I know you prolly didnt do the laundry, but with the trap that low it'll never pass inspection here.


----------



## GREENPLUM (Jul 27, 2008)

Bonafide said:


> Good job plum, clean install:thumbsup:
> 
> I know you prolly didnt do the laundry, but with the trap that low it'll never pass inspection here.


your right, i didnt do it, the house was built in 1991. The trap would still pass inspection here, no one cares how high it is.:thumbsup:


----------



## Miguel (Aug 10, 2009)

Nice and clean, GP.
I like the closed cell insulation on the water pipes.


----------



## Protech (Sep 22, 2008)

It's technically against code here but I see them all the time on new homes. No more than 24" from trap weir to the box drain allowed.



GREENPLUM said:


> your right, i didnt do it, the house was built in 1991. The trap would still pass inspection here, no one cares how high it is.:thumbsup:


----------



## Plasticman (Oct 14, 2008)

Protech said:


> It's technically against code here but I see them all the time on new homes. No more than 24" from trap weir to the box drain allowed.

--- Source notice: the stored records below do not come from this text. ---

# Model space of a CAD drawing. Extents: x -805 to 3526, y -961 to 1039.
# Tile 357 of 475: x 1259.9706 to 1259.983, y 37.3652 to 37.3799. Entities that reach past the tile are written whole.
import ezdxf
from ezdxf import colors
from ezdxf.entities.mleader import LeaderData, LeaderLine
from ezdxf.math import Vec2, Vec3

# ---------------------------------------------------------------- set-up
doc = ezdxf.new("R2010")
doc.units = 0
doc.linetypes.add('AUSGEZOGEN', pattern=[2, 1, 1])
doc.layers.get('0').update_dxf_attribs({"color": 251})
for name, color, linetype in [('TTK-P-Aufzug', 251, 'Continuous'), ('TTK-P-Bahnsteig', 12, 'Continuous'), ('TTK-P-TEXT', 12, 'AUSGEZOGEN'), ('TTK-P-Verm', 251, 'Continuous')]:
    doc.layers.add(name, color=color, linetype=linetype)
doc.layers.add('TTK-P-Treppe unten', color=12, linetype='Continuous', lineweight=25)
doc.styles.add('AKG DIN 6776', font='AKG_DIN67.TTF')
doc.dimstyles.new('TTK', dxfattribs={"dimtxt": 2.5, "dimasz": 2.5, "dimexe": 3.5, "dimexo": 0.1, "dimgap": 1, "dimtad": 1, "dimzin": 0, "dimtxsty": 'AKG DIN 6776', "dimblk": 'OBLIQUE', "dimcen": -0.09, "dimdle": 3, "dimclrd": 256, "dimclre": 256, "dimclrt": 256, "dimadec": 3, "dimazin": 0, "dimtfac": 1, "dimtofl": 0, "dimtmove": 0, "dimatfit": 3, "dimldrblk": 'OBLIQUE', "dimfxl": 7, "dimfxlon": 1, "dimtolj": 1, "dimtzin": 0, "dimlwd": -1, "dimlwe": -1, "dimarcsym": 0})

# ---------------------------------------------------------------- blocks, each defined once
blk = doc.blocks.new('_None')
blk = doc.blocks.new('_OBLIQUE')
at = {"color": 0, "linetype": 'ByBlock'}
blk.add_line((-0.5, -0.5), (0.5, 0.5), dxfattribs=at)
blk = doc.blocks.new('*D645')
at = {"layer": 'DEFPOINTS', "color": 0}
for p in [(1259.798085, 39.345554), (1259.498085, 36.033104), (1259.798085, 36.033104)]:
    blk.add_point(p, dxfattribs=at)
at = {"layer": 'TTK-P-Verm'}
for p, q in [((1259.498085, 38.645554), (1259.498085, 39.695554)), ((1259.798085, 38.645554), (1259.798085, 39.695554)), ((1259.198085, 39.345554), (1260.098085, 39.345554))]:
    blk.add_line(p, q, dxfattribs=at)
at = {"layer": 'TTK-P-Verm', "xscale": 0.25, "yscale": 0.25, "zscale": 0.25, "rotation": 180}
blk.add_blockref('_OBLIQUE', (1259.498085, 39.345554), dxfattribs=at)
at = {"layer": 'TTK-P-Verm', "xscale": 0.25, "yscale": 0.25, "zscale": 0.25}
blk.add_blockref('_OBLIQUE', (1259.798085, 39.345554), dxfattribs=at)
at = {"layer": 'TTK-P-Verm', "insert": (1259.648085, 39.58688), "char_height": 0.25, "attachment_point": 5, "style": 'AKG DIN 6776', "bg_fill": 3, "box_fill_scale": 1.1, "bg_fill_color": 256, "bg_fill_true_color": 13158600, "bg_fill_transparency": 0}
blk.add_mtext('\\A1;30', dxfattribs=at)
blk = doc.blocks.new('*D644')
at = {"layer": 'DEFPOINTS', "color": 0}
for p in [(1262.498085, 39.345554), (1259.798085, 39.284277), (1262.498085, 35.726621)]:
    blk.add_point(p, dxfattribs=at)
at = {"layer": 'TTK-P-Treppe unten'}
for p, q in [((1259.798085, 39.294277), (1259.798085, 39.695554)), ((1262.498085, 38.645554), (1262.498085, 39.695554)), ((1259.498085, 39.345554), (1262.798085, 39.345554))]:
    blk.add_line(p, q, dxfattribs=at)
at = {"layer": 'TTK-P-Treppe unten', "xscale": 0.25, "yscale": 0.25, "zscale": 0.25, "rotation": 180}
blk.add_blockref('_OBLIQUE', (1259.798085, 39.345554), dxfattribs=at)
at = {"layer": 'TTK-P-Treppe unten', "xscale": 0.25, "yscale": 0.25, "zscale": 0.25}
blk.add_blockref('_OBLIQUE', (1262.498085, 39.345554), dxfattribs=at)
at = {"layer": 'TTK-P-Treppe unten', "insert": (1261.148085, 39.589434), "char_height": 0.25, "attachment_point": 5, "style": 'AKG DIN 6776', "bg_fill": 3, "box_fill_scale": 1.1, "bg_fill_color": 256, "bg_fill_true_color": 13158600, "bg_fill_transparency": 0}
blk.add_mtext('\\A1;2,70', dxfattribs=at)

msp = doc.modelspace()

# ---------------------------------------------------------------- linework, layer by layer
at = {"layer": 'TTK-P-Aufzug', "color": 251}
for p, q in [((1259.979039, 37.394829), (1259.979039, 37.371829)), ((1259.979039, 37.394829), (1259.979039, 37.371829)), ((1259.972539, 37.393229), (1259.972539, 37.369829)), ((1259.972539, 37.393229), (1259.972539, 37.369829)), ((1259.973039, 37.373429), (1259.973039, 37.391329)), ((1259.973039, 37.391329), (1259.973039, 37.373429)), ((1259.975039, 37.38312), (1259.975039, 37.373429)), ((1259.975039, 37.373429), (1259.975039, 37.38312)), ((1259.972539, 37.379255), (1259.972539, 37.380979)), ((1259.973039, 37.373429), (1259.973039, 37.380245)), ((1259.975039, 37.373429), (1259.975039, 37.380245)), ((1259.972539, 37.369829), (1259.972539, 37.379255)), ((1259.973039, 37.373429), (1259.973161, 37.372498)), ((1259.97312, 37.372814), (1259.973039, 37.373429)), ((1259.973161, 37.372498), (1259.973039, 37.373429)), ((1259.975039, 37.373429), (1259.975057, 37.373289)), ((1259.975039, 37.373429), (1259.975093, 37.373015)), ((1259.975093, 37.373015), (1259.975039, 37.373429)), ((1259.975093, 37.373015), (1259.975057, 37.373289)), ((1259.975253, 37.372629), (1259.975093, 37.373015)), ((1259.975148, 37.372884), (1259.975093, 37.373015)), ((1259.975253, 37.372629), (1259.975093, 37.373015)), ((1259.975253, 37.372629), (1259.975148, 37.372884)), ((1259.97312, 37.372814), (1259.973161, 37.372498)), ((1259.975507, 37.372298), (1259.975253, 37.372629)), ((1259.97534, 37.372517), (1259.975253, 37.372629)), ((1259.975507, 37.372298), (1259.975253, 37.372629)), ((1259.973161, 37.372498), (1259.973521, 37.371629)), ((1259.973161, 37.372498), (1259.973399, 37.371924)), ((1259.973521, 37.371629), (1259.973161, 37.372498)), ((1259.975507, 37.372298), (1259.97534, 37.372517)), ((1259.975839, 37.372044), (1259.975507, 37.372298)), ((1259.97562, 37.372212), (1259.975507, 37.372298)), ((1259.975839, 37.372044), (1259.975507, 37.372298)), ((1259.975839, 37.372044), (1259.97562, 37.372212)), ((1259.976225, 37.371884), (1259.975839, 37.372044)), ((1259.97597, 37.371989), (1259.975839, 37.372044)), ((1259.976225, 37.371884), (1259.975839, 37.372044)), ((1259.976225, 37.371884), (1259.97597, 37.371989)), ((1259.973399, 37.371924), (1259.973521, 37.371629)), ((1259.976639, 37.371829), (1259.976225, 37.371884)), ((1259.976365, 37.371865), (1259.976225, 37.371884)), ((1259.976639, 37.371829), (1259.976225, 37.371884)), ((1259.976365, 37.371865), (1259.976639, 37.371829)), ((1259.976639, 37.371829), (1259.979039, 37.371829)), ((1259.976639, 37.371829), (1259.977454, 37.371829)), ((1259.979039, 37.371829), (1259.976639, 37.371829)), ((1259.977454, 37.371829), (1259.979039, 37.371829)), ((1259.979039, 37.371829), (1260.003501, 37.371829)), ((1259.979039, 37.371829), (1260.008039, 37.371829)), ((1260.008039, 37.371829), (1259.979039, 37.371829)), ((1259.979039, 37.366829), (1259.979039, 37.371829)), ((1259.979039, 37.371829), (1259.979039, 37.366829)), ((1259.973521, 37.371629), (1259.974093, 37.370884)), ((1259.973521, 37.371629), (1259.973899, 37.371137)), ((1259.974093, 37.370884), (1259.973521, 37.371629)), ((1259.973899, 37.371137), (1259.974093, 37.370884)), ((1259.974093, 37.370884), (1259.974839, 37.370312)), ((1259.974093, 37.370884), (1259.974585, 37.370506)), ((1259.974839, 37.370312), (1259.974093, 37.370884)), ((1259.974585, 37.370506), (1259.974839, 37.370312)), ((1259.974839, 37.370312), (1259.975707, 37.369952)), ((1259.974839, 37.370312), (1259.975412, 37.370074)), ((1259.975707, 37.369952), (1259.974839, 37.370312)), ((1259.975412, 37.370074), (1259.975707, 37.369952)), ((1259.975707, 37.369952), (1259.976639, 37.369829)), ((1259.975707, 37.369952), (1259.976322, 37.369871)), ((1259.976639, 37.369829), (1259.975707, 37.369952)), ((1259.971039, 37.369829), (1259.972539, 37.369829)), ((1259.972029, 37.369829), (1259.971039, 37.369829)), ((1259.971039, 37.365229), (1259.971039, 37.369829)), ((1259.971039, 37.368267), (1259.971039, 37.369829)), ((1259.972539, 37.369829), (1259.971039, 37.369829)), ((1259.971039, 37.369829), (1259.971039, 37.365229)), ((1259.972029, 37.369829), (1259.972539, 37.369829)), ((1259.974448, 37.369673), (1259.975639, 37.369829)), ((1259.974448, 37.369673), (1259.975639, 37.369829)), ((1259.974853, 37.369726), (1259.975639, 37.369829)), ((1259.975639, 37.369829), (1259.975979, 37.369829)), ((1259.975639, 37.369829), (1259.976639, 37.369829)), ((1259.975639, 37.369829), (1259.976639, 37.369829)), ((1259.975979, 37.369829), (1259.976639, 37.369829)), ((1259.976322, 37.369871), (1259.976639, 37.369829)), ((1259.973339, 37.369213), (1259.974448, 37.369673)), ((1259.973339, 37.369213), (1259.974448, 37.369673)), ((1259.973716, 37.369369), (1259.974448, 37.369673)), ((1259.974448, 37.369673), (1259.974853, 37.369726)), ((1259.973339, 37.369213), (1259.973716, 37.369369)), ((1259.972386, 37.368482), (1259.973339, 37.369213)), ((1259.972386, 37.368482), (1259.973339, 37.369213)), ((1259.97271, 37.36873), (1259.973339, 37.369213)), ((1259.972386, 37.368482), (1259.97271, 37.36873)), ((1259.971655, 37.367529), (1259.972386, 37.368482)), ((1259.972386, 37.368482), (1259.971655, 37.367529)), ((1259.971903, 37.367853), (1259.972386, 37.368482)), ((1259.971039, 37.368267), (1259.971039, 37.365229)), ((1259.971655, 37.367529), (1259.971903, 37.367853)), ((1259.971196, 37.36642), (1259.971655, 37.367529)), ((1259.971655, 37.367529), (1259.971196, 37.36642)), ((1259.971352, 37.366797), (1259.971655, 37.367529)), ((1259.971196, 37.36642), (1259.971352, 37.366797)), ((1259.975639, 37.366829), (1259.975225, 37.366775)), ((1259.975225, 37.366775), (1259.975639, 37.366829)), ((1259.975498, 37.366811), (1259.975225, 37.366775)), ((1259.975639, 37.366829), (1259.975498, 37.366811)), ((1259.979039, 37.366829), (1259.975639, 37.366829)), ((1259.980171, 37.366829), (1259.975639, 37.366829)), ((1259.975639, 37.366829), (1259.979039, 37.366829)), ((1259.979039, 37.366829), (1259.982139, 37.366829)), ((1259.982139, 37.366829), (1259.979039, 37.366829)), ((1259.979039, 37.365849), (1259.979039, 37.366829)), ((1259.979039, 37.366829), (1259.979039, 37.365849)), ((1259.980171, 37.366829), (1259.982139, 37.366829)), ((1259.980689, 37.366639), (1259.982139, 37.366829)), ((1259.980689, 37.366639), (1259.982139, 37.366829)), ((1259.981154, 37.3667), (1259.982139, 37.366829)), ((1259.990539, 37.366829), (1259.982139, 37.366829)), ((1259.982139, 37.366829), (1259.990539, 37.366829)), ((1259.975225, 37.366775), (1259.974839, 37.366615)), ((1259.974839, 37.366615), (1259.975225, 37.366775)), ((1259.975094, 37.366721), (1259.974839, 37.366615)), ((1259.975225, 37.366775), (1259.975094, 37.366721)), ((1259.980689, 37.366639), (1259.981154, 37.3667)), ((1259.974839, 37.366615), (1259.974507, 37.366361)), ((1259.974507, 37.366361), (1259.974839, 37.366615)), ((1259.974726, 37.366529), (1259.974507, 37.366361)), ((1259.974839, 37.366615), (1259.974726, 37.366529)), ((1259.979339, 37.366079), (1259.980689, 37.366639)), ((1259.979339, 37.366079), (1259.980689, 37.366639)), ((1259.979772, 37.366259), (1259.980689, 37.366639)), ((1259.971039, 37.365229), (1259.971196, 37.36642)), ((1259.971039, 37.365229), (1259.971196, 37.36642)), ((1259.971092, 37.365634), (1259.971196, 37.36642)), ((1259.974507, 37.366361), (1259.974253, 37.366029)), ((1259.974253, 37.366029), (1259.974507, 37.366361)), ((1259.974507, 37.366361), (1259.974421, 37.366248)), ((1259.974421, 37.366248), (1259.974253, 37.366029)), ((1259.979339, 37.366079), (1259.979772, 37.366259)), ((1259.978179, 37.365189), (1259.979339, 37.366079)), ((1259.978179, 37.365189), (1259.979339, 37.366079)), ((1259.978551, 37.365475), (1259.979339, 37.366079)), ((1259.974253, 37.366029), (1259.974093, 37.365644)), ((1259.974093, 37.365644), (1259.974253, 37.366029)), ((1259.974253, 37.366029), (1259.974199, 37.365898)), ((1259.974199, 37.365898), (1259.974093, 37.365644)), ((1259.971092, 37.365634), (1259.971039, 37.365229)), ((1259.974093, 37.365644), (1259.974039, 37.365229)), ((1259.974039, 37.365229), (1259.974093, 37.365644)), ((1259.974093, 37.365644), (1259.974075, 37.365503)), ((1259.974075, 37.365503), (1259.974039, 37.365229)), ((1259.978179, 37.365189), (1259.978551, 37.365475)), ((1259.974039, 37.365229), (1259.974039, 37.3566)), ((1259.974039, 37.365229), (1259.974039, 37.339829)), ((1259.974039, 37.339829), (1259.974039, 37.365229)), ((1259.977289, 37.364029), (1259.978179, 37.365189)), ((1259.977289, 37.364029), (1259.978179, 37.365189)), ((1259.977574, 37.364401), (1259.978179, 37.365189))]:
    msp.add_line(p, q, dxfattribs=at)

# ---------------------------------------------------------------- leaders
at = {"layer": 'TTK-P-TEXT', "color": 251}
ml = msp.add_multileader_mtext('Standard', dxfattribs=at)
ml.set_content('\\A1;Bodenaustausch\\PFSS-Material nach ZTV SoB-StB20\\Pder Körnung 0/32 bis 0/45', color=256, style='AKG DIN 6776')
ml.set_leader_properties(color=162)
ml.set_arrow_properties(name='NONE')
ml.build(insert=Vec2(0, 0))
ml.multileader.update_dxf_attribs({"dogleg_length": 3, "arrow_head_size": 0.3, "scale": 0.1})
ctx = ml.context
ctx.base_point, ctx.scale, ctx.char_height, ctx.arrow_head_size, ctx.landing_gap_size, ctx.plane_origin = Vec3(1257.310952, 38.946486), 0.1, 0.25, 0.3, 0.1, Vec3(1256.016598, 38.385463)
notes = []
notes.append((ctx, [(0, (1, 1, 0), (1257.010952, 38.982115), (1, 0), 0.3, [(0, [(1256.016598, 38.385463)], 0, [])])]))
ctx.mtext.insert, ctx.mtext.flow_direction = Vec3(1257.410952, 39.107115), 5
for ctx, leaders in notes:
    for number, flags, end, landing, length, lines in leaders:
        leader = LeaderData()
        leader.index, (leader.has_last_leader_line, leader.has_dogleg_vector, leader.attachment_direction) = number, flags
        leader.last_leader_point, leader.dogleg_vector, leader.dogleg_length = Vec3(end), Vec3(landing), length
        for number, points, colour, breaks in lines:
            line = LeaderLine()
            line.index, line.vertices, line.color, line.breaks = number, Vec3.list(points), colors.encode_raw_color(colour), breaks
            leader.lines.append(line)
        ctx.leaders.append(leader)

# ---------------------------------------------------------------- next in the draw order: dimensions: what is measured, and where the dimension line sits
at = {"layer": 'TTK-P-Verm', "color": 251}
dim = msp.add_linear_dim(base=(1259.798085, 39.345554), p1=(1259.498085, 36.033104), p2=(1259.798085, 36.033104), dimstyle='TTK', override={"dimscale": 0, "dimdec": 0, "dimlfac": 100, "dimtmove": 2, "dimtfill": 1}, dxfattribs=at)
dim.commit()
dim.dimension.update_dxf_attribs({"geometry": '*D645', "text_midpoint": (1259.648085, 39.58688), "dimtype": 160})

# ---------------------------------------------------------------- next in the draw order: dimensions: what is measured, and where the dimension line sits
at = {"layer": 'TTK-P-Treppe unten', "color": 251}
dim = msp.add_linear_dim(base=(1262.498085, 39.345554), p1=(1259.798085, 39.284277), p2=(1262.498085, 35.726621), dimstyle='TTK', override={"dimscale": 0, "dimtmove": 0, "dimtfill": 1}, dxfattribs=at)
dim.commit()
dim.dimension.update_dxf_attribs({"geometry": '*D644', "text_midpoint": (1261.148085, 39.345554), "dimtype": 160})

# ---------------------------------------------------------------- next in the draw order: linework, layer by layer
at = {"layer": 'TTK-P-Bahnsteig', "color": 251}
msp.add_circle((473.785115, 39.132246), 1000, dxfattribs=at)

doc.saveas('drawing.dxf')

I must be missing something, correct me please if I am wrong but
Are we on the same page here? No more than 48 inch drop to trap on washer box here in Tally. But no less than 24 inches


----------



## Plasticman (Oct 14, 2008)

btw Greenplum, the dohickie is to clode to the thingamabob.
Lookgs good to me


----------



## Miguel (Aug 10, 2009)

Plasticman said:


> I must be missing something, correct me please if I am wrong but
> Are we on the same page here? No more than 48 inch drop to trap on washer box here in Tally. But no less than 24 inches


Yeah, wth? No *more* than 24"???
I guess gravity is stronger the closer to the equator you are. :jester:


----------



## Protech (Sep 22, 2008)

My bad, you are right about that. Don't know what I was thinking.

:balloon:


24".....42" inches. Hey I got the numbers right, just the wrong order :laughing:



Miguel said:


> Yeah, wth? No *more* than 24"???
> I guess gravity is stronger the closer to the equator you are. :jester:


----------



## Plasticman (Oct 14, 2008)

We will blame it on Rockstar. :laughing:


----------



## plumr (Jan 16, 2010)

here in calif. upc or i should say cpc, w. m. riser at least 18" no more than 30"


----------



## ROCKSTARPLUMBER (Dec 14, 2008)

Plasticman said:


> We will blame it on Rockstar. :laughing:



Dude, i was no where near this convo. And it's still my fault?:blink:


----------



## Optimus Primer (May 20, 2009)

Plasticman said:


> I must be missing something, correct me please if I am wrong but
> Are we on the same page here? No more than 48 inch drop to trap on washer box here in Tally. But no less than 24 inches


I believe it's 18 to 36 now. or 18 to 42.


----------



## Optimus Primer (May 20, 2009)

*802.4 Standpipes.* Standpipes shall be individually trapped. Standpipes shall extend a minimum of 18 inches (457 mm) and a maximum of 42 inches (1066 mm) above the trap weir. Access shall be provided to all standpipes and drains for rodding.


----------



## Miguel (Aug 10, 2009)

ROCKSTARPLUMBER said:


> Dude, i was no where near this convo. And it's still my fault?:blink:


Yeah, you're the whipping boy du jour. We took a vote in your absense.


----------



## Plasticman (Oct 14, 2008)

house plumber said:


> *802.4 Standpipes.* Standpipes shall be individually trapped. Standpipes shall extend a minimum of 18 inches (457 mm) and a maximum of 42 inches (1066 mm) above the trap weir. Access shall be provided to all standpipes and drains for rodding.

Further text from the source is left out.